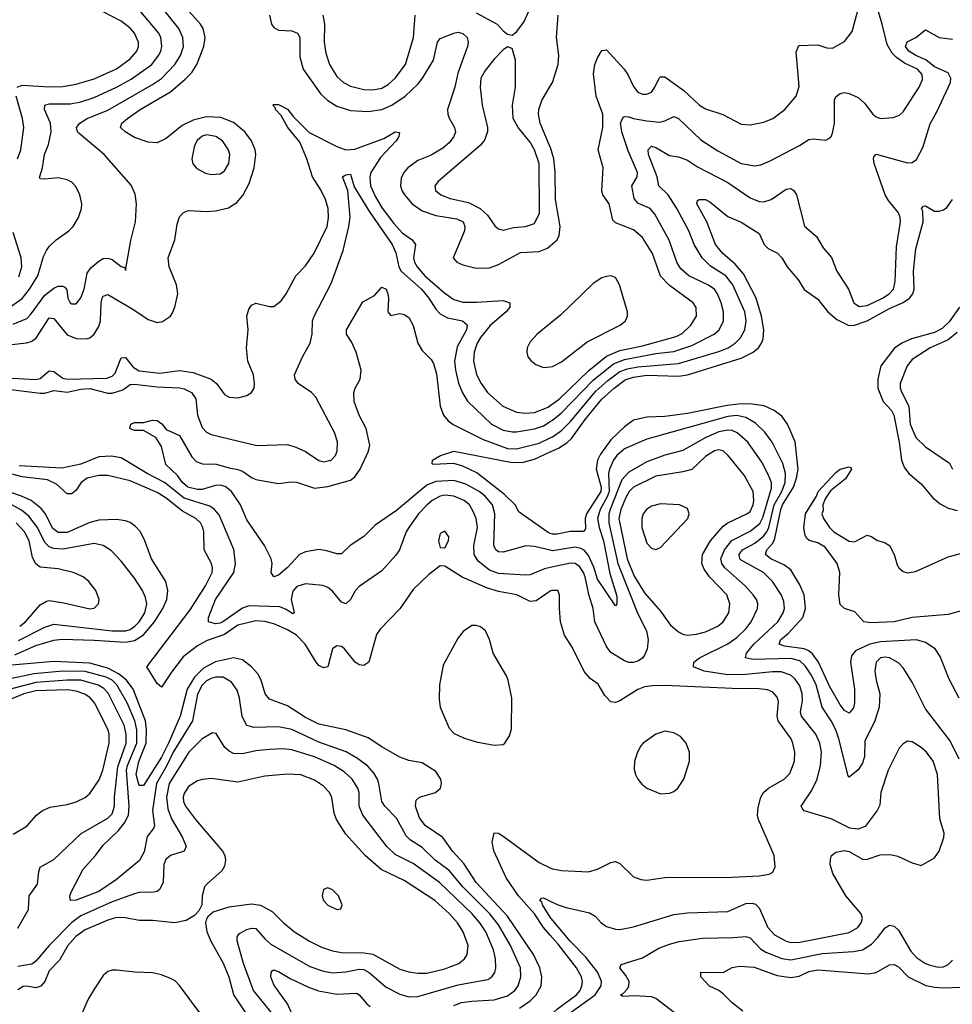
# Model space of a CAD drawing. Header units: inches. Extents: x 1173000 to 1307049, y 522583 to 678455.
# Tile 579 of 617: x 1237638 to 1241789, y 660668 to 665050. Entities that reach past the tile are written whole.
import ezdxf

# ---------------------------------------------------------------- set-up
doc = ezdxf.new("R2010")
doc.units = ezdxf.units.IN
doc.header["$MEASUREMENT"] = 0
doc.layers.add('B2636', color=7, linetype='Continuous')
doc.layers.add('B2646', color=7, linetype='Continuous')

msp = doc.modelspace()

# ---------------------------------------------------------------- linework, layer by layer
at = {"layer": 'B2636', "color": 5}
for points, elevation in [([(1237590, 663603.4), (1237668.3, 663611.8), (1237690, 663618.3), (1237710, 663630.7), (1237770, 663722.8), (1237790, 663720.7), (1237850, 663647.6), (1237890, 663630.7), (1237935.1, 663630), (1237950, 663634.2), (1237969.4, 663650.6), (1237990, 663684.9), (1237998.4, 663710), (1238000.8, 663790), (1238005.6, 663810), (1238010, 663819), (1238030, 663826.5), (1238142.2, 663762.2), (1238210, 663715.5), (1238250, 663701.5), (1238273.9, 663706.1), (1238309.7, 663730), (1238317.2, 663742.8), (1238329.2, 663770.7), (1238342.4, 663830), (1238336.3, 663870), (1238303, 663950), (1238299.1, 663990), (1238329, 664070), (1238339.5, 664140.5), (1238350, 664172.4), (1238367.6, 664192.4), (1238390, 664200.7), (1238470, 664196), (1238510, 664198.5), (1238567.7, 664212.3), (1238604.2, 664235.7), (1238632.1, 664267.9), (1238659.9, 664320.1), (1238681.8, 664390), (1238689.3, 664449.3), (1238686.4, 664470), (1238670.5, 664510), (1238640.5, 664550), (1238590, 664592.6), (1238533.9, 664613.9), (1238470, 664617.1), (1238410, 664603.1), (1238361, 664579), (1238290, 664521.5), (1238250, 664502.4), (1238210, 664505.3), (1238150, 664526), (1238107.4, 664550), (1238086.6, 664570), (1238092.9, 664590), (1238118, 664610), (1238174.3, 664650), (1238310, 664728.8), (1238375.3, 664784.7), (1238404.6, 664815.4), (1238427, 664850), (1238457.3, 664930), (1238463.6, 664970), (1238455.2, 665010), (1238442.5, 665030), (1238354.8, 665130)], 1120), ([(1237610, 663694.6), (1237670, 663720.7), (1237690, 663740.5), (1237750, 663824.1), (1237790, 663855.1), (1237810, 663864.2), (1237830, 663864.6), (1237839.3, 663859.3), (1237848.2, 663848.2), (1237853.1, 663810), (1237863.1, 663790), (1237870, 663784.9), (1237890, 663785.5), (1237910, 663812.4), (1237925.8, 663850), (1237938.6, 663921.4), (1237954.9, 663945.1), (1237990, 663975.6), (1238010, 663986.5), (1238030, 663987.8), (1238050, 663982.6), (1238090, 663950.7), (1238106.4, 663946.4), (1238110, 663934), (1238133.5, 664066.5), (1238154.2, 664150), (1238157.6, 664230), (1238152.8, 664272.8), (1238134, 664314), (1238015.1, 664450), (1237902.7, 664542.7), (1237896.2, 664550), (1237891.7, 664570), (1237906, 664590), (1237939, 664610), (1238030, 664647.2), (1238230, 664761.1), (1238270, 664788.7), (1238329.6, 664850.4), (1238354.5, 664890), (1238366.8, 664930), (1238364.5, 664970), (1238347.2, 665010), (1238266.6, 665110)], 1140), ([(1237627.5, 664750), (1237650, 664758.8), (1237770, 664750.9), (1237830, 664752.8), (1237890, 664763), (1237970, 664786.6), (1238070, 664831.1), (1238130, 664875.4), (1238160.5, 664910), (1238167.5, 664930), (1238167.6, 664950), (1238149.9, 664990), (1238130, 665012.5), (1238090, 665043.8), (1237970, 665105.3)], 1180), ([(1239670, 665079.8), (1239763.7, 665030), (1239790, 665000.5), (1239810, 664986), (1239830, 664981), (1239850, 664996.3), (1239881.6, 665038.4), (1239919.6, 665120.4)], 1140), ([(1237603.2, 663776.8), (1237650, 663809.6), (1237682.7, 663850), (1237719.2, 663910), (1237744.8, 663995.2), (1237757.7, 664022.3), (1237770, 664040.4), (1237801.3, 664070), (1237856.9, 664110), (1237876.4, 664130), (1237899.7, 664170), (1237913.7, 664210), (1237915.1, 664230), (1237905.7, 664270), (1237887.7, 664307.7), (1237870, 664326), (1237850, 664336.9), (1237810, 664346.6), (1237750, 664339.5), (1237730, 664341.2), (1237727, 664347), (1237739.7, 664390), (1237748.3, 664450), (1237766.3, 664493.7), (1237778.4, 664550), (1237775.4, 664590), (1237748.6, 664650), (1237750.8, 664669.2), (1237770, 664675.2), (1237864.7, 664675.3), (1237910, 664683.7), (1237970, 664703.7), (1238070, 664749.3), (1238135.1, 664784.9), (1238225.9, 664850), (1238256.6, 664890), (1238267.3, 664910), (1238271.4, 664930), (1238267, 664970), (1238257.7, 664990), (1238170, 665093.3)], 1160), ([(1238749.6, 665070), (1238759.8, 665030), (1238770, 665015.8), (1238790, 665003.6), (1238850, 665000.7), (1238874.5, 664990), (1238884.5, 664970), (1238884.9, 664884.9), (1238899.5, 664830), (1238979.1, 664719.1), (1239010, 664689.6), (1239050, 664664.9), (1239110, 664645.9), (1239190, 664641.3), (1239250, 664650.4), (1239294.1, 664670), (1239354.7, 664710), (1239410, 664763), (1239431.6, 664790), (1239479.4, 664870), (1239497.7, 664950), (1239510, 664966.7), (1239570, 664990.2), (1239590, 664994), (1239610, 664988.9), (1239630.2, 664970), (1239633.9, 664950), (1239630.8, 664930), (1239588.5, 664811.5), (1239574.8, 664750), (1239543.1, 664650), (1239543.6, 664630), (1239550, 664611.7), (1239574.1, 664570), (1239577.5, 664550), (1239570.1, 664530), (1239550, 664501.6), (1239522.2, 664477.8), (1239470, 664447.6), (1239410, 664422.8), (1239365.9, 664390), (1239347.9, 664370), (1239335.7, 664344.3), (1239332.9, 664310), (1239339.4, 664290), (1239350.6, 664270), (1239385.7, 664230), (1239430, 664199.3), (1239490, 664179.1), (1239584.1, 664164.1), (1239612.1, 664150), (1239620.1, 664130), (1239617.7, 664110), (1239567.2, 663990), (1239584.6, 663970), (1239610, 663958.9), (1239670, 663943.3), (1239730, 663945.8), (1239770, 663959.6), (1239866.9, 664013.1), (1239950, 664018.5), (1239987.5, 664032.5), (1240000, 664043.6)], 1120), ([(1238987.2, 665070), (1238995.2, 665030), (1238994, 664950), (1239000.7, 664900.7), (1239017.9, 664850), (1239050, 664797.6), (1239079, 664770), (1239110, 664753.5), (1239170, 664738.4), (1239210, 664737.3), (1239250, 664744.8), (1239278.8, 664761.2), (1239308.8, 664790), (1239355.9, 664850), (1239391.6, 664970), (1239398.5, 665070)], 1140), ([(1240000, 664481.8), (1239954.4, 664590), (1239947.5, 664630), (1239949.3, 664650), (1239962.8, 664690), (1240000, 664754.1)], 1120), ([(1237629.4, 664430), (1237642.8, 664470), (1237656.9, 664570), (1237651.4, 664610), (1237623.4, 664710)], 1180), ([(1237550, 663457.4), (1237710, 663447.8), (1237730, 663453.4), (1237770, 663487.3), (1237790, 663483.7), (1237830, 663454.4), (1237850, 663450.1), (1238026.1, 663453.9), (1238050, 663462.6), (1238062.7, 663477.3), (1238090, 663545.1), (1238110, 663546.4), (1238143.1, 663503.1), (1238170, 663486.9), (1238262.6, 663477.4), (1238350, 663488.1), (1238410, 663479), (1238490.2, 663450), (1238514.4, 663430), (1238550, 663382.4), (1238570, 663370.4), (1238610, 663367.6), (1238650, 663377), (1238670, 663390.6), (1238681.3, 663410), (1238684, 663430), (1238678.7, 663470), (1238654.4, 663530), (1238647.2, 663590), (1238656, 663670), (1238649.8, 663730), (1238658, 663762), (1238670, 663779.3), (1238690, 663788.7), (1238750, 663773.4), (1238770, 663773.8), (1238801.7, 663798.3), (1238825.1, 663830), (1238868, 663910), (1238910, 663954), (1238948.9, 664011.1), (1239006.6, 664130), (1239013.4, 664170), (1239010.6, 664210), (1238999.5, 664250), (1238980.6, 664290), (1238941.4, 664350), (1238916.9, 664430), (1238885, 664505), (1238831.6, 664570), (1238802.7, 664622.7), (1238776.4, 664650), (1238776.6, 664656.6), (1238764.5, 664670), (1238767.8, 664672.2), (1238790, 664672), (1238830, 664651.2), (1238857.3, 664617.3), (1238927.2, 664547.2), (1239050, 664485), (1239090, 664470.6), (1239130, 664474.3), (1239258.5, 664521.5), (1239310, 664550.1), (1239328.3, 664548.3), (1239325.9, 664530), (1239314, 664510), (1239243.5, 664436.5), (1239200.9, 664370), (1239196.1, 664350), (1239199.3, 664310), (1239221.5, 664261.5), (1239251.6, 664211.6), (1239302.9, 664142.9), (1239340.8, 664100.8), (1239384.8, 664070), (1239400.5, 664050), (1239391.3, 663990), (1239395.7, 663970), (1239406.7, 663950), (1239442.1, 663910), (1239530, 663832.3), (1239570, 663804.6), (1239610, 663793.4), (1239672.1, 663792.1), (1239790, 663800.3), (1239819.7, 663790), (1239820.1, 663770), (1239803, 663750), (1239731.9, 663688.1), (1239690, 663634.8), (1239674.7, 663610), (1239660.7, 663570), (1239658.8, 663530), (1239671.1, 663471.1), (1239692.1, 663430), (1239720.4, 663390), (1239789.4, 663329.4), (1239850, 663302.7), (1239890, 663298.4), (1239930, 663302.1), (1239990, 663325.5), (1240000, 663332.6)], 1080), ([(1237550, 663409.2), (1237730, 663387.7), (1237750, 663388.2), (1237790, 663399.1), (1237850, 663391.5), (1237910, 663405.2), (1237950, 663408.3), (1238030, 663387.4), (1238050, 663387), (1238097.6, 663402.4), (1238130, 663426.5), (1238150, 663428.3), (1238250, 663415.2), (1238350, 663410.9), (1238370, 663406.4), (1238403.8, 663390), (1238423.1, 663363.1), (1238430.1, 663290), (1238450, 663234.4), (1238470, 663213.7), (1238490, 663203.5), (1238694.1, 663154.1), (1238830, 663158.5), (1238867.5, 663147.5), (1238910, 663127.6), (1238970, 663087.5), (1238990, 663082.6), (1239024.5, 663090), (1239043.5, 663110), (1239051.6, 663130), (1239053.2, 663170), (1239040.7, 663210), (1238956.5, 663370), (1238937.7, 663390), (1238878.3, 663430), (1238865.1, 663450), (1238861.7, 663470), (1238896.9, 663550), (1238930.6, 663610), (1238940.6, 663650), (1238942.3, 663710), (1238948.3, 663730), (1239024.6, 663875.4), (1239077.4, 664022.6), (1239103.8, 664130), (1239108.7, 664171.3), (1239098.9, 664290), (1239074.5, 664350), (1239090, 664359.5), (1239110, 664362), (1239126.6, 664306.6), (1239195.1, 664195.1), (1239296.6, 664050), (1239312.8, 664012.8), (1239325.2, 663950), (1239336.5, 663930), (1239427.4, 663850), (1239459.7, 663810), (1239490, 663760.9), (1239510, 663740.7), (1239542.6, 663722.6), (1239609.5, 663709.5), (1239630, 663692.2), (1239627.2, 663670), (1239585.4, 663594.6), (1239574.1, 663530), (1239577.7, 663490), (1239591.5, 663431.5), (1239608.6, 663388.6), (1239631.6, 663351.6), (1239738.2, 663250), (1239790, 663223.4), (1239830, 663214.9), (1239850, 663215.7), (1239930, 663228.9), (1239970, 663242.9), (1240000, 663260.9)], 1060), ([(1237635.1, 663904.9), (1237648.3, 663950), (1237645.1, 663990), (1237610, 664102.4)], 1180), ([(1240000, 662688.8), (1239930, 662706), (1239891.5, 662708.5), (1239790, 662680.8), (1239770, 662681.5), (1239756.8, 662690), (1239749, 662710), (1239753.1, 662850), (1239743.1, 662890), (1239709.9, 662930), (1239683, 662950), (1239623.4, 662983.4), (1239570, 662998.9), (1239490, 662994.6), (1239450, 662978.3), (1239314.7, 662865.3), (1239220.4, 662799.6), (1239170.1, 662749.9), (1239109, 662710), (1239070, 662672.2), (1239050, 662672.5), (1239006.1, 662686.1), (1238970, 662691.2), (1238910, 662682.2), (1238884.2, 662670), (1238830, 662611.6), (1238790, 662578.2), (1238769.8, 662569.8), (1238758.3, 662590), (1238762.7, 662630), (1238757.7, 662650), (1238728.1, 662710), (1238650, 662824), (1238621.6, 662890), (1238580.4, 662950), (1238552.7, 662972.7), (1238530, 662978.3), (1238510, 662977), (1238450, 662959.3), (1238430, 662959.6), (1238386.5, 662970), (1238362.7, 662990), (1238341.4, 663021.4), (1238288.5, 663070), (1238269.3, 663150), (1238244.5, 663190), (1238190, 663221.2), (1238150, 663222), (1238128.7, 663230), (1238133.2, 663250), (1238150, 663256.5), (1238190, 663256.5), (1238230, 663267.2), (1238250, 663266.7), (1238271.7, 663251.7), (1238290, 663226.4), (1238350, 663199.1), (1238404.1, 663104.1), (1238424.1, 663084.1), (1238452.5, 663072.5), (1238512.3, 663072.3), (1238570, 663054.8), (1238610, 663047.9), (1238630, 663040.5), (1238670, 663012.7), (1238690, 663004.2), (1238790, 662985.2), (1238846.9, 662993.1), (1238870, 662991.8), (1238950, 662965.4), (1239010, 662971.8), (1239110, 663001), (1239130, 663015.8), (1239153.2, 663050), (1239190.7, 663130), (1239196.3, 663156.3), (1239179.8, 663230), (1239148.9, 663290), (1239127.7, 663350), (1239126, 663390), (1239131.3, 663410), (1239154.3, 663450), (1239157.6, 663490), (1239135.9, 663570), (1239115.8, 663615.9), (1239093.5, 663650), (1239093.1, 663670), (1239166, 663794), (1239217.2, 663822.8), (1239250, 663859.1), (1239270, 663850.6), (1239277.4, 663830), (1239280.3, 663810), (1239276.3, 663750), (1239290, 663734), (1239330, 663742), (1239350, 663738), (1239370, 663723.8), (1239389.2, 663689.2), (1239411.1, 663610), (1239430, 663578.3), (1239470, 663537), (1239479.8, 663519.8), (1239493.1, 663473.1), (1239510.1, 663330), (1239525.1, 663290), (1239544.8, 663264.8), (1239568, 663248), (1239701.2, 663181.2), (1239810, 663141.1), (1239850, 663139.3), (1239950, 663164.9), (1240000, 663188.2)], 1040), ([(1240000, 663698.2), (1239941.6, 663650), (1239910, 663616), (1239897.2, 663590), (1239894.9, 663570), (1239900.3, 663550), (1239913, 663533), (1239936, 663516), (1239970, 663502.4), (1240000, 663505.2)], 1120), ([(1240000, 662763.8), (1239990, 662767.2), (1239871.3, 662850), (1239860.3, 662860.3), (1239843.9, 662890), (1239796.2, 662936.2), (1239673.3, 663033.3), (1239610, 663063.4), (1239570, 663075.2), (1239478, 663070), (1239473.6, 663073.6), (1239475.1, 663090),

*Goal of the exercise*
How many lines in the listing above contain "ezdxf"? Answer with the number alone.

*Solution*
3